However, a work stands out. Vladimir Arsenyev’s (1872-1930) memoir about Dersu Uzala (1849-1908) in the book with the main character’s name as title. The book’s action takes place in Primorsky Krai between 1902 and 1908 and the book was published in the 1920s. The book was part of the author’s trilogy about his explorations in the last possibility of describing the original life of the primitive societies in the area. The two other volumes were “In the Ussuri Territory” (1921) and “In the Sikhote-Alin Mountains” published posthumously in 1937. Furthermore, Vladimir Arsenyev is also famous for authoring many other books about his explorations, including some 60 works on the geography, wildlife and ethnography of the regions he travelled [3, p. 9-12].

From 1902 the Russian explorer Vladimir Arsenyev undertook twelve large expeditions to the then largely unexplored area between the coast of the Pacific Ocean and the Ussuri River. There he did scientific studies and described the flora and fauna as well as the geology and topography of the unknown country, but above all he was interested in the local tribes of the Nanais, Udeges and Orochs, whose customs and languages he researched. Vladimir Arsenev literarily immortalized the hunter and ranger in the book “Dersu Uzala”, first published in 1923 [1, s. 7].

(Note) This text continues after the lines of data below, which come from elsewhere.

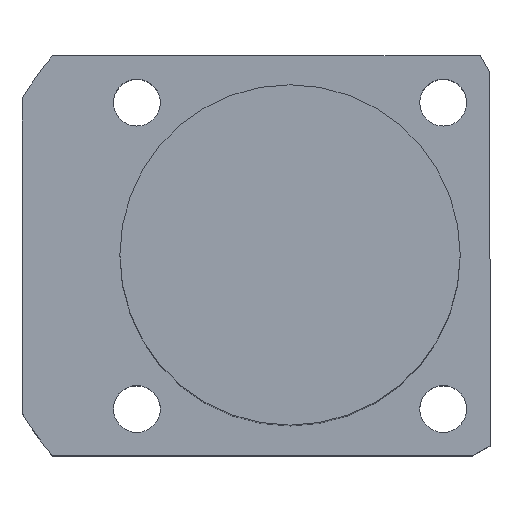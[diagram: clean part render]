
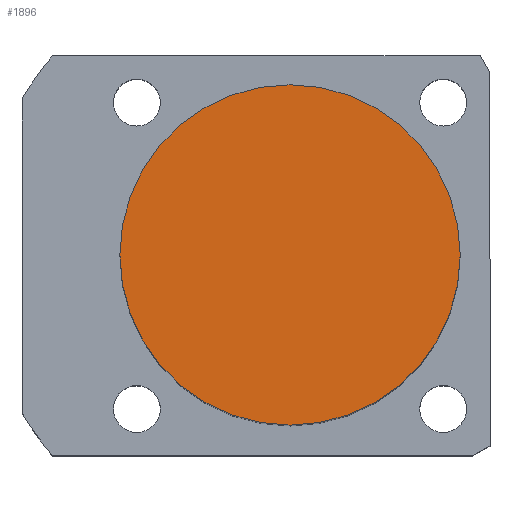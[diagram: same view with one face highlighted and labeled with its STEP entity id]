
A CAD part, top view. The second image highlights one B-rep face of the part: STEP entity #1896.
In plain terms, the highlighted planar face has unit normal (0, 0, 1).
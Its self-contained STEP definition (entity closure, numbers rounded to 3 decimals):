
#156 = AXIS2_PLACEMENT_3D ( 'NONE', #4044, #1929, #4390 ) ;
#176 = ORIENTED_EDGE ( 'NONE', *, *, #614, .T. ) ;
#362 = DIRECTION ( 'NONE',  ( 0., 0., 1. ) ) ;
#614 = EDGE_CURVE ( 'NONE', #3444, #2263, #3777, .T. ) ;
#1184 = AXIS2_PLACEMENT_3D ( 'NONE', #2102, #362, #2819 ) ;
#1808 = CARTESIAN_POINT ( 'NONE',  ( 20., 0., 71.5 ) ) ;
#1896 = ADVANCED_FACE ( 'NONE', ( #3711 ), #3514, .T. ) ;
#1929 = DIRECTION ( 'NONE',  ( 0., 0., 1. ) ) ;
#1997 = AXIS2_PLACEMENT_3D ( 'NONE', #3091, #3071, #3053 ) ;
#2102 = CARTESIAN_POINT ( 'NONE',  ( 0., 0., 71.5 ) ) ;
#2263 = VERTEX_POINT ( 'NONE', #1808 ) ;
#2819 = DIRECTION ( 'NONE',  ( 1., 0., 0. ) ) ;
#3053 = DIRECTION ( 'NONE',  ( 1., 0., 0. ) ) ;
#3071 = DIRECTION ( 'NONE',  ( 0., 0., 1. ) ) ;
#3091 = CARTESIAN_POINT ( 'NONE',  ( 0., 0., 71.5 ) ) ;
#3150 = CIRCLE ( 'NONE', #156, 20. ) ;
#3159 = EDGE_CURVE ( 'NONE', #2263, #3444, #3150, .T. ) ;
#3282 = ORIENTED_EDGE ( 'NONE', *, *, #3159, .T. ) ;
#3444 = VERTEX_POINT ( 'NONE', #3462 ) ;
#3462 = CARTESIAN_POINT ( 'NONE',  ( -20., 0., 71.5 ) ) ;
#3514 = PLANE ( 'NONE',  #1184 ) ;
#3711 = FACE_OUTER_BOUND ( 'NONE', #4597, .T. ) ;
#3777 = CIRCLE ( 'NONE', #1997, 20. ) ;
#4044 = CARTESIAN_POINT ( 'NONE',  ( 0., 0., 71.5 ) ) ;
#4390 = DIRECTION ( 'NONE',  ( 1., 0., 0. ) ) ;
#4597 = EDGE_LOOP ( 'NONE', ( #176, #3282 ) ) ;

Although the person Dersu Uzala is real and the discovery trips took place in the areas around the Ussuri River, some facts were slightly changed. As mentioned above, as well the books as the film’s main character, Dersu Uzala, was described as a Nanai trapper and hunter in the forest. In the biographical book, the trapper lives on the banks of the Ussuri River. Dersu Uzala had lived alone in the forest after the smallpox death of his wife and children, before he met Vladimir Arsenyev and accompanied him on several expeditions. A deep friendship developed between the two. Dersu Uzala showed Vladimir Arsenyev during the joint expeditions many previously unknown plants and animals and together he explored the regions around the Sikhote-Alin massif and the Ussuri tributary Bikin. He saves Arsenyev several times, for example, during a storm on Lake Khanka. As Dersu Uzala became increasingly blind, as he got older, Vladimir Arsenyev offered to live with him in the city. However, Uzala could not gain anything from city life. In the spring of 1908 he returned to the Ussuri region. There he was murdered near the railway station of the town of Korfovsky not far from Khabarovsk, probably because of a valuable rifle that Vladimir Arsenyev had given him as a farewell gift. Now in the village of Korfovsky, not far from the site of Derzu’s death, a granite block has been set up in memory in the 1970s to Vladimir Arsenev and Dersu Usala was erected, pine trees planted around it [1, s. 38-42].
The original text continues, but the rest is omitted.